28/10/2013

Les Français moins riches que les Britanniques

Les agents immobiliers voient des Anglais partout ! Ces derniers achètent en effet des maisons de campagne dans de nombreuses provinces françaises. Et ce n'est pas un hasard. L'étude publiée cette semaine par l'Observatoire de l'épargne européenne (OEE), montre qu'ils en ont les moyens. Plus que les Français en tout cas. «Les Britanniques sont plus riches et les Espagnols plus pauvres que les autres» résume David Davydoff, directeur de l'Observatoire de l'épargne européenne.


En 2012, le patrimoine financier des ménages représentait ainsi 43 581 euros en France, contre 75 812 au Royaume-Uni et 30 916 euros en Espagne (voir tableau). Un Britannique pesait donc de ce point de vue 2,4 fois plus qu'un Espagnol et 1,7 fois de plus qu'un Français !


L'Observatoire a aussi regardé à la loupe la manière dont cette épargne évolue dans les principaux pays européens. Et les comportements diffèrent selon le côté de la frontière où on se situe. «Malgré la baisse des taux en 2003, les ménages ont renforcé leurs avoirs sans risque en Espagne et en France» indique David Davydoff. La France est le seul pays dans lequel c'est surtout l'épargne courte qui augmente. «Les dépôts à plus de deux ans n'augmentent que de 1,9% en 2012 en France contre 7,1% dans la zone euro», relève l'étude.

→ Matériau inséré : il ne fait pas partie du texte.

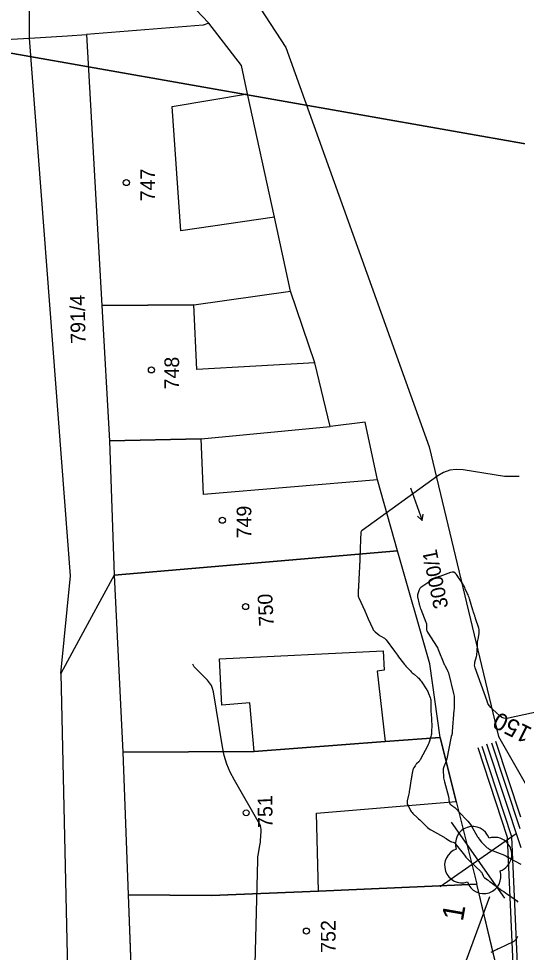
# Model space of a CAD drawing. Extents: x -534481 to -534262, y -1190577 to -1190138.
# Drawn here: x -534439 to -534410.1, y -1190397.5 to -1190343.4 of the extents above; entities that cross this region are included whole.
import ezdxf

# ---------------------------------------------------------------- set-up
doc = ezdxf.new("R2010")
doc.units = 0
for name, color, linetype in [('Bonity', 7, 'Continuous'), ('Definiční body', 7, 'Continuous'), ('Polygon budovy', 7, 'Continuous'), ('Polygon parcely', 7, 'Continuous'), ('Vrstva 18', 7, 'Continuous'), ('Vrstva 19', 7, 'Continuous'), ('Vrstva 30', 7, 'Continuous'), ('Vrstva 31', 7, 'Continuous'), ('Vrstva 35', 7, 'Continuous'), ('Vrstva 46', 7, 'Continuous'), ('Vrstva 48', 7, 'Continuous'), ('Vrstva 54', 7, 'Continuous')]:
    doc.layers.add(name, color=color, linetype=linetype)

msp = doc.modelspace()

# ---------------------------------------------------------------- linework, layer by layer
at = {"layer": 'Bonity'}
msp.add_lwpolyline([(-534409.868, -1190391.439), (-534411.855, -1190385.422)], dxfattribs=at)
at = {"layer": 'Definiční body'}
for p, q in [((-534439.74, -1190344.56), (-534438.35, -1190344.48)), ((-534435.05, -1190344.28), (-534434.16, -1190359.98)), ((-534434.16, -1190359.98), (-534433.73, -1190367.83)), ((-534433.73, -1190367.83), (-534433.45, -1190375.62)), ((-534433.45, -1190375.62), (-534417.02, -1190374.22)), ((-534433.45, -1190375.62), (-534432.95, -1190385.88)), ((-534432.95, -1190385.88), (-534432.64, -1190394.16)), ((-534410.38, -1190402.1), (-534412.44, -1190393.55)), ((-534432.64, -1190394.16), (-534432.33, -1190402.39))]:
    msp.add_line(p, q, dxfattribs=at)
for points in [[(-534425.49, -1190303.95), (-534427.4, -1190310.23), (-534432.23, -1190329.13), (-534431.92, -1190332.1), (-534423.51, -1190345.02), (-534415.2, -1190368.18), (-534411.18, -1190384.97), (-534409.63, -1190387.68)], [(-534438.35, -1190344.48), (-534438.33, -1190339.63), (-534438.5, -1190324.13)], [(-534435.67, -1190327.29), (-534436.59, -1190334.53), (-534427.96, -1190343.61)], [(-534427.96, -1190343.61), (-534428.3, -1190343.74), (-534435.05, -1190344.28)], [(-534423.23, -1190359.15), (-534424.16, -1190354.86), (-534425.72, -1190347.72), (-534426.08, -1190346.07), (-534427.96, -1190343.61)], [(-534438.35, -1190344.48), (-534436.15, -1190344.36), (-534435.05, -1190344.28)], [(-534436.55, -1190381.32), (-534435.98, -1190375.67), (-534438.35, -1190344.48)], [(-534434.16, -1190359.98), (-534428.83, -1190359.95), (-534423.23, -1190359.15)], [(-534420.93, -1190367), (-534421.83, -1190363.31), (-534423.23, -1190359.15)], [(-534417.02, -1190374.22), (-534418.19, -1190370.1), (-534418.9, -1190366.76), (-534420.93, -1190367)], [(-534433.73, -1190367.83), (-534428.4, -1190367.72), (-534420.93, -1190367)], [(-534414.55, -1190385.03), (-534415.16, -1190380.76), (-534417.02, -1190374.22)], [(-534433.45, -1190375.62), (-534434.88, -1190378.25), (-534436.55, -1190381.32)], [(-534436.55, -1190381.32), (-534435.62, -1190422.59), (-534435.57, -1190424.53), (-534435.47, -1190429), (-534438.93, -1190449.34), (-534449.16, -1190465.21), (-534465.46, -1190480.21), (-534468.814, -1190483.101)], [(-534432.95, -1190385.88), (-534425.33, -1190385.85), (-534417.74, -1190385.27), (-534414.55, -1190385.03)], [(-534414.55, -1190385.03), (-534413.63, -1190388.75), (-534412.44, -1190393.55)], [(-534432.64, -1190394.16), (-534427.8, -1190394.2), (-534421.6, -1190393.94), (-534415.89, -1190393.7), (-534412.44, -1190393.55)]]:
    msp.add_lwpolyline(points, dxfattribs=at)
at = {"layer": 'Polygon parcely'}
for points in [[(-534435.05, -1190344.28), (-534434.16, -1190359.98), (-534428.83, -1190359.95), (-534423.23, -1190359.15), (-534424.16, -1190354.86), (-534429.58, -1190355.65), (-534430.09, -1190348.45), (-534425.72, -1190347.72), (-534426.08, -1190346.07), (-534427.96, -1190343.61), (-534428.3, -1190343.74)], [(-534434.16, -1190359.98), (-534433.73, -1190367.83), (-534428.4, -1190367.72), (-534420.93, -1190367), (-534421.83, -1190363.31), (-534428.65, -1190363.7), (-534428.83, -1190359.95)], [(-534433.73, -1190367.83), (-534433.45, -1190375.62), (-534417.02, -1190374.22), (-534418.19, -1190370.1), (-534428.28, -1190370.94), (-534428.4, -1190367.72)], [(-534433.45, -1190375.62), (-534432.95, -1190385.88), (-534425.33, -1190385.85), (-534425.59, -1190383.03), (-534427.22, -1190383.16), (-534427.35, -1190380.48), (-534417.86, -1190380.01), (-534417.8, -1190381.14), (-534418.2, -1190381.2), (-534417.74, -1190385.27), (-534414.55, -1190385.03), (-534415.16, -1190380.76), (-534417.02, -1190374.22)], [(-534432.95, -1190385.88), (-534432.64, -1190394.16), (-534427.8, -1190394.2), (-534421.6, -1190393.94), (-534421.73, -1190389.42), (-534413.63, -1190388.75), (-534414.55, -1190385.03), (-534417.74, -1190385.27), (-534425.33, -1190385.85)], [(-534432.64, -1190394.16), (-534432.33, -1190402.39), (-534427.61, -1190402.33), (-534427.86, -1190398.67), (-534414.87, -1190398.34), (-534413.97, -1190398.32), (-534413.47, -1190402.14), (-534410.38, -1190402.1), (-534412.44, -1190393.55), (-534415.89, -1190393.7), (-534421.6, -1190393.94), (-534427.8, -1190394.2)]]:
    msp.add_lwpolyline(points, close=True, dxfattribs=at)
at = {"layer": 'Vrstva 18'}
for points in [[(-534409.978, -1190369.904), (-534410.683, -1190369.904), (-534410.773, -1190369.904), (-534410.788, -1190369.904), (-534410.803, -1190369.903), (-534410.818, -1190369.902), (-534410.832, -1190369.9), (-534413.227, -1190369.521), (-534413.622, -1190369.495), (-534413.999, -1190369.545), (-534414.358, -1190369.67), (-534414.699, -1190369.872), (-534419.086, -1190373.037), (-534419.116, -1190373.063), (-534419.138, -1190373.094), (-534419.152, -1190373.13), (-534419.157, -1190373.17), (-534419.163, -1190373.337), (-534419.165, -1190373.379), (-534419.166, -1190373.421), (-534419.168, -1190373.463), (-534419.169, -1190373.505), (-534419.194, -1190374.165), (-534419.197, -1190374.233), (-534419.2, -1190374.301), (-534419.202, -1190374.369), (-534419.204, -1190374.437), (-534419.214, -1190374.719), (-534419.217, -1190374.782), (-534419.219, -1190374.844), (-534419.222, -1190374.907), (-534419.225, -1190374.97), (-534419.237, -1190375.22), (-534419.24, -1190375.282), (-534419.243, -1190375.345), (-534419.246, -1190375.407), (-534419.249, -1190375.47), (-534419.292, -1190376.288), (-534419.295, -1190376.344), (-534419.298, -1190376.399), (-534419.3, -1190376.455), (-534419.303, -1190376.511), (-534419.314, -1190376.733), (-534419.313, -1190376.788), (-534419.306, -1190376.842), (-534419.293, -1190376.895), (-534419.273, -1190376.946), (-534418.932, -1190377.702), (-534418.829, -1190377.93), (-534418.726, -1190378.159), (-534418.466, -1190378.735), (-534418.438, -1190378.788), (-534418.405, -1190378.836), (-534418.367, -1190378.879), (-534418.322, -1190378.919), (-534418.106, -1190379.089), (-534418.073, -1190379.114), (-534418.038, -1190379.138), (-534418.002, -1190379.161), (-534417.966, -1190379.182), (-534417.817, -1190379.262), (-534417.782, -1190379.284), (-534417.749, -1190379.31), (-534417.72, -1190379.338), (-534417.693, -1190379.371), (-534417.211, -1190380.025), (-534417.15, -1190380.107), (-534417.088, -1190380.19), (-534417.027, -1190380.272), (-534416.965, -1190380.354), (-534416.683, -1190380.725), (-534416.637, -1190380.784), (-534416.589, -1190380.842), (-534416.54, -1190380.899), (-534416.489, -1190380.954), (-534416.278, -1190381.178), (-534416.229, -1190381.229), (-534416.178, -1190381.279), (-534416.125, -1190381.327), (-534416.071, -1190381.373), (-534415.852, -1190381.555), (-534415.8, -1190381.602), (-534415.751, -1190381.653), (-534415.706, -1190381.707), (-534415.665, -1190381.765), (-534415.338, -1190382.264), (-534415.305, -1190382.318), (-534415.275, -1190382.373), (-534415.248, -1190382.43), (-534415.225, -1190382.489), (-534415.136, -1190382.726), (-534415.117, -1190382.786), (-534415.103, -1190382.847), (-534415.095, -1190382.908), (-534415.093, -1190382.971), (-534415.095, -1190383.33), (-534415.095, -1190383.411), (-534415.093, -1190383.491), (-534415.089, -1190383.572), (-534415.084, -1190383.653), (-534415.059, -1190383.984), (-534415.054, -1190384.066), (-534415.05, -1190384.148), (-534415.048, -1190384.231), (-534415.048, -1190384.313), (-534415.05, -1190384.706), (-534415.053, -1190384.775), (-534415.061, -1190384.843), (-534415.074, -1190384.91), (-534415.092, -1190384.977), (-534415.174, -1190385.241), (-534415.196, -1190385.306), (-534415.22, -1190385.37), (-534415.248, -1190385.434), (-534415.278, -1190385.496), (-534415.706, -1190386.323), (-534415.726, -1190386.357), (-534415.748, -1190386.39), (-534415.773, -1190386.42), (-534415.801, -1190386.449), (-534415.925, -1190386.566), (-534415.949, -1190386.59), (-534415.971, -1190386.616), (-534415.992, -1190386.643), (-534416.011, -1190386.671), (-534416.083, -1190386.787), (-534416.1, -1190386.816), (-534416.113, -1190386.847), (-534416.124, -1190386.878), (-534416.133, -1190386.911), (-534416.191, -1190387.198), (-534416.202, -1190387.257), (-534416.213, -1190387.316), (-534416.224, -1190387.375), (-534416.233, -1190387.435), (-534416.334, -1190388.072), (-534416.347, -1190388.15), (-534416.362, -1190388.228), (-534416.377, -1190388.305), (-534416.394, -1190388.382), (-534416.468, -1190388.708), (-534416.477, -1190388.775), (-534416.475, -1190388.841), (-534416.46, -1190388.906), (-534416.434, -1190388.969), (-534416.304, -1190389.217), (-534416.269, -1190389.277), (-534416.23, -1190389.334), (-534416.186, -1190389.387), (-534416.137, -1190389.436), (-534415.867, -1190389.688), (-534415.805, -1190389.747), (-534415.744, -1190389.805), (-534415.683, -1190389.864), (-534415.622, -1190389.924), (-534415.351, -1190390.192), (-534415.284, -1190390.254), (-534415.213, -1190390.312), (-534415.138, -1190390.364), (-534415.06, -1190390.411), (-534414.37, -1190390.797), (-534414.327, -1190390.821), (-534414.286, -1190390.846), (-534414.244, -1190390.872), (-534414.204, -1190390.899), (-534414.008, -1190391.031), (-534413.984, -1190391.046), (-534413.959, -1190391.058), (-534413.933, -1190391.069), (-534413.906, -1190391.077), (-534413.798, -1190391.106), (-534413.772, -1190391.116), (-534413.748, -1190391.128), (-534413.727, -1190391.145), (-534413.708, -1190391.165), (-534413.154, -1190391.863), (-534413.065, -1190391.97), (-534412.972, -1190392.074), (-534412.876, -1190392.175), (-534412.776, -1190392.272), (-534412.222, -1190392.79), (-534412.195, -1190392.818), (-534412.17, -1190392.849), (-534412.149, -1190392.882), (-534412.131, -1190392.917), (-534412.065, -1190393.061), (-534412.046, -1190393.095), (-534412.024, -1190393.127), (-534411.997, -1190393.155), (-534411.967, -1190393.179), (-534411.815, -1190393.287), (-534411.779, -1190393.313), (-534411.743, -1190393.338), (-534411.707, -1190393.364), (-534411.672, -1190393.39), (-534411.08, -1190393.824), (-534410.976, -1190393.899), (-534410.872, -1190393.973), (-534410.768, -1190394.047), (-534410.663, -1190394.12), (-534410.219, -1190394.427), (-534410.132, -1190394.497), (-534410.06, -1190394.578)], [(-534425.344, -1190400.439), (-534425.133, -1190392.149), (-534425.128, -1190392.053), (-534425.12, -1190391.957), (-534425.108, -1190391.862), (-534425.092, -1190391.767), (-534425.02, -1190391.389), (-534425.003, -1190391.294), (-534424.989, -1190391.199), (-534424.978, -1190391.104), (-534424.969, -1190391.008), (-534424.927, -1190390.481), (-534424.926, -1190390.363), (-534424.942, -1190390.249), (-534424.976, -1190390.139), (-534425.028, -1190390.033), (-534426.484, -1190387.518), (-534426.724, -1190387.056), (-534426.92, -1190386.578), (-534427.072, -1190386.085), (-534427.179, -1190385.575), (-534427.7, -1190382.387), (-534427.745, -1190382.199), (-534427.817, -1190382.025), (-534427.916, -1190381.865), (-534428.042, -1190381.719), (-534428.755, -1190381.007), (-534428.811, -1190380.941), (-534428.856, -1190380.869), (-534428.888, -1190380.792)], [(-534410.075, -1190396.576), (-534410.098, -1190396.615), (-534410.196, -1190396.768), (-534410.222, -1190396.804), (-534410.253, -1190396.835), (-534410.287, -1190396.862), (-534410.326, -1190396.883), (-534411.138, -1190397.27), (-534411.199, -1190397.299), (-534411.26, -1190397.328), (-534411.32, -1190397.358), (-534411.381, -1190397.388), (-534411.622, -1190397.509)]]:
    msp.add_lwpolyline(points, dxfattribs=at)
at = {"layer": 'Vrstva 19'}
msp.add_lwpolyline([(-534407.476, -1190383.24), (-534410.597, -1190383.921), (-534410.735, -1190383.936), (-534410.864, -1190383.918), (-534410.985, -1190383.868), (-534411.097, -1190383.787), (-534411.528, -1190383.394), (-534411.628, -1190383.291), (-534411.714, -1190383.178), (-534411.785, -1190383.056), (-534411.841, -1190382.924), (-534412.526, -1190381.007), (-534412.549, -1190380.926), (-534412.559, -1190380.843), (-534412.556, -1190380.76), (-534412.541, -1190380.677), (-534412.455, -1190380.34), (-534412.437, -1190380.257), (-534412.422, -1190380.173), (-534412.412, -1190380.089), (-534412.407, -1190380.004), (-534412.396, -1190379.656), (-534412.391, -1190379.574), (-534412.384, -1190379.492), (-534412.374, -1190379.411), (-534412.361, -1190379.33), (-534412.303, -1190379.006), (-534412.294, -1190378.926), (-534412.294, -1190378.846), (-534412.305, -1190378.767), (-534412.325, -1190378.688), (-534412.5, -1190378.142), (-534412.514, -1190378.102), (-534412.527, -1190378.061), (-534412.54, -1190378.021), (-534412.554, -1190377.981), (-534412.61, -1190377.819), (-534412.623, -1190377.779), (-534412.637, -1190377.739), (-534412.649, -1190377.698), (-534412.662, -1190377.657), (-534412.861, -1190376.996), (-534412.885, -1190376.921), (-534412.911, -1190376.846), (-534412.94, -1190376.772), (-534412.971, -1190376.699), (-534413.098, -1190376.409), (-534413.132, -1190376.337), (-534413.168, -1190376.267), (-534413.208, -1190376.198), (-534413.25, -1190376.131), (-534413.614, -1190375.583), (-534413.684, -1190375.503), (-534413.765, -1190375.458), (-534413.858, -1190375.447), (-534413.962, -1190375.471), (-534414.569, -1190375.701), (-534414.594, -1190375.71), (-534414.619, -1190375.718), (-534414.645, -1190375.725), (-534414.67, -1190375.73), (-534414.774, -1190375.751), (-534414.799, -1190375.758), (-534414.824, -1190375.767), (-534414.847, -1190375.778), (-534414.87, -1190375.791), (-534415.668, -1190376.333), (-534415.703, -1190376.361), (-534415.732, -1190376.393), (-534415.755, -1190376.429), (-534415.772, -1190376.47), (-534415.85, -1190376.7), (-534415.855, -1190376.714), (-534415.859, -1190376.728), (-534415.862, -1190376.742), (-534415.865, -1190376.757), (-534415.874, -1190376.815), (-534415.875, -1190376.83), (-534415.876, -1190376.844), (-534415.874, -1190376.859), (-534415.872, -1190376.873), (-534415.777, -1190377.298), (-534415.758, -1190377.373), (-534415.737, -1190377.447), (-534415.712, -1190377.52), (-534415.685, -1190377.592), (-534415.378, -1190378.348), (-534415.362, -1190378.395), (-534415.35, -1190378.443), (-534415.343, -1190378.492), (-534415.342, -1190378.542), (-534415.345, -1190378.744), (-534415.342, -1190378.793), (-534415.332, -1190378.84), (-534415.315, -1190378.886), (-534415.291, -1190378.929), (-534414.723, -1190379.792), (-534414.717, -1190379.802), (-534414.712, -1190379.812), (-534414.707, -1190379.823), (-534414.704, -1190379.834), (-534414.691, -1190379.88), (-534414.688, -1190379.891), (-534414.684, -1190379.903), (-534414.68, -1190379.914), (-534414.676, -1190379.925), (-534414.336, -1190380.75), (-534414.316, -1190380.797), (-534414.294, -1190380.843), (-534414.271, -1190380.888), (-534414.247, -1190380.933), (-534414.147, -1190381.11), (-534414.124, -1190381.155), (-534414.103, -1190381.201), (-534414.086, -1190381.248), (-534414.073, -1190381.297), (-534413.782, -1190382.479), (-534413.765, -1190382.558), (-534413.753, -1190382.638), (-534413.746, -1190382.719), (-534413.743, -1190382.8), (-534413.743, -1190383.127), (-534413.744, -1190383.209), (-534413.747, -1190383.29), (-534413.751, -1190383.371), (-534413.757, -1190383.453), (-534413.865, -1190384.689), (-534413.866, -1190384.704), (-534413.867, -1190384.72), (-534413.868, -1190384.735), (-534413.868, -1190384.751), (-534413.868, -1190384.813), (-534413.869, -1190384.829), (-534413.871, -1190384.844), (-534413.874, -1190384.859), (-534413.878, -1190384.874), (-534413.911, -1190384.981), (-534413.918, -1190385.004), (-534413.924, -1190385.027), (-534413.93, -1190385.05), (-534413.934, -1190385.073), (-534414.175, -1190386.267), (-534414.188, -1190386.327), (-534414.205, -1190386.387), (-534414.225, -1190386.445), (-534414.248, -1190386.503), (-534414.345, -1190386.731), (-534414.366, -1190386.788), (-534414.38, -1190386.847), (-534414.386, -1190386.907), (-534414.386, -1190386.968), (-534414.366, -1190387.304), (-534414.359, -1190387.381), (-534414.348, -1190387.456), (-534414.333, -1190387.531), (-534414.314, -1190387.605), (-534414.074, -1190388.46), (-534414.064, -1190388.498), (-534414.056, -1190388.535), (-534414.05, -1190388.574), (-534414.046, -1190388.612), (-534414.029, -1190388.795), (-534414.024, -1190388.819), (-534414.016, -1190388.841), (-534414.004, -1190388.861), (-534413.989, -1190388.879), (-534413.912, -1190388.955), (-534413.897, -1190388.969), (-534413.881, -1190388.982), (-534413.865, -1190388.995), (-534413.848, -1190389.006), (-534413.778, -1190389.051), (-534413.761, -1190389.063), (-534413.745, -1190389.075), (-534413.729, -1190389.089), (-534413.714, -1190389.103), (-534413.042, -1190389.786), (-534412.957, -1190389.879), (-534412.878, -1190389.976), (-534412.805, -1190390.079), (-534412.739, -1190390.186), (-534412.416, -1190390.749), (-534412.387, -1190390.796), (-534412.357, -1190390.842), (-534412.325, -1190390.886), (-534412.291, -1190390.929), (-534412.152, -1190391.099), (-534412.117, -1190391.141), (-534412.08, -1190391.182), (-534412.042, -1190391.221), (-534412.003, -1190391.259), (-534411.828, -1190391.425), (-534411.784, -1190391.462), (-534411.737, -1190391.495), (-534411.687, -1190391.524), (-534411.634, -1190391.547), (-534410.832, -1190391.861), (-534410.806, -1190391.872), (-534410.781, -1190391.883), (-534410.756, -1190391.896), (-534410.732, -1190391.91), (-534410.638, -1190391.968), (-534410.614, -1190391.983), (-534410.59, -1190391.997), (-534410.566, -1190392.01), (-534410.541, -1190392.024), (-534409.888, -1190392.376)], dxfattribs=at)
at = {"layer": 'Vrstva 30'}
for points in [[(-534279.901, -1190266.866), (-534426.145, -1190241.079), (-534444.378, -1190344.484), (-534298.134, -1190370.27)], [(-534298.134, -1190370.27), (-534444.378, -1190344.484), (-534462.611, -1190447.888), (-534316.367, -1190473.675)]]:
    msp.add_lwpolyline(points, dxfattribs=at)
at = {"layer": 'Vrstva 31'}
msp.add_lwpolyline([(-534405.695, -1190512.351), (-534434.703, -1190456.89), (-534411.68, -1190394.248)], dxfattribs=at)
at = {"layer": 'Vrstva 35'}
for points in [[(-534410.645, -1190390.84), (-534412.361, -1190385.645)], [(-534410.397, -1190390.795), (-534412.125, -1190385.56)], [(-534409.916, -1190390.337), (-534411.561, -1190385.357)], [(-534409.879, -1190389.652), (-534411.326, -1190385.272)], [(-534405.407, -1190514.348), (-534394.258, -1190501.982), (-534392.12, -1190496.869), (-534393.492, -1190488.211), (-534397.35, -1190478.035), (-534403.219, -1190464.54), (-534405.491, -1190456.905), (-534409.051, -1190433.21), (-534409.998, -1190427.948), (-534410.066, -1190416.042), (-534409.827, -1190409.421), (-534410.645, -1190390.84)], [(-534405.057, -1190514.333), (-534394.044, -1190502.118), (-534391.862, -1190496.9), (-534393.249, -1190488.146), (-534397.118, -1190477.94), (-534402.983, -1190464.455), (-534405.247, -1190456.85), (-534408.804, -1190433.17), (-534409.748, -1190427.925), (-534409.816, -1190416.046), (-534409.577, -1190409.42), (-534410.397, -1190390.795)]]:
    msp.add_lwpolyline(points, dxfattribs=at)
at = {"layer": 'Vrstva 46'}
for centre in [(-534432.746, -1190352.861), (-534431.293, -1190363.724), (-534427.182, -1190372.443), (-534425.833, -1190377.446), (-534425.8, -1190389.404), (-534422.307, -1190396.261)]:
    msp.add_circle(centre, 0.175, dxfattribs=at)
at = {"layer": 'Vrstva 48'}
for p, q in [((-534416.284, -1190370.57), (-534415.597, -1190372.459)), ((-534415.597, -1190372.459), (-534415.867, -1190372.208)), ((-534415.597, -1190372.459), (-534415.551, -1190372.093))]:
    msp.add_line(p, q, dxfattribs=at)
at = {"layer": 'Vrstva 54'}
for p, q in [((-534410.812, -1190394.345), (-534413.896, -1190389.941)), ((-534414.556, -1190393.685), (-534410.152, -1190390.601))]:
    msp.add_line(p, q, dxfattribs=at)
msp.add_circle((-534412.354, -1190392.143), 0.001, dxfattribs=at)
for centre, start, end in [((-534412.673, -1190391.195), 18.6209, 198.6209), ((-534411.406, -1190391.824), 288.6209, 108.6209), ((-534413.301, -1190392.462), 108.6209, 288.6209), ((-534412.034, -1190393.09), 198.6209, 18.6209)]:
    msp.add_arc(centre, 1, start, end, dxfattribs=at)

# ---------------------------------------------------------------- texts
at = {"layer": 'Polygon budovy'}
for s, rotation, p in [('747', 90, (-534431.08, -1190353.948)), ('791/4', 91, (-534435.107, -1190362.204)), ('748', 90, (-534429.687, -1190364.859)), ('749', 90, (-534425.5, -1190373.493)), ('3000/1', 101.5337, (-534414.077, -1190377.479)), ('750', 93, (-534424.196, -1190378.574)), ('751', 91, (-534424.261, -1190390.273)), ('752', 90, (-534420.619, -1190397.524))]:
    msp.add_text(s, height=0.85, rotation=rotation, dxfattribs=at).set_placement(p)
at = {"layer": 'Vrstva 31'}
for s, height, rotation, p in [('150', 1, 153.4033, (-534409.166, -1190384.52)), ('1', 1.25, 80, (-534413.243, -1190395.733))]:
    msp.add_text(s, height=height, rotation=rotation, dxfattribs=at).set_placement(p)

doc.saveas('drawing.dxf')

Globalement, en 2012, les Français ont été plus attentistes que leurs voisins : ils ont accru de 3,1% les dépôts auprès des banques (hors comptes à vue) alors que les Anglais diminuaient les leurs de 2,7%. Et les premiers mois de 2013 sont de la même veine : les dépôts à terme ont augmenté de 3,4% au premier trimestre dans la zone euro, mais de 5,6% en France et de plus de 12% en Espagne.


Cette prudence se reflète aussi dans l'appétit manifesté pour les actions. «Le capital accumulé par les Britanniques est largement investi en actions, donc beaucoup plus exposé à la conjoncture financière que celui des Européens continentaux», indique David Davydoff. Plus habitués à la Bourse ? Les Britanniques achètent quand le marché est bas et vendent quand il est haut... règle de base d'une gestion saine. Mais, fait inquiétant, selon cette étude, les Allemands font l'inverse ! Quant aux Français, aux Italiens et aux Espagnols, ils «accumulent», achètent petit à petit, mais à dose homéopathique.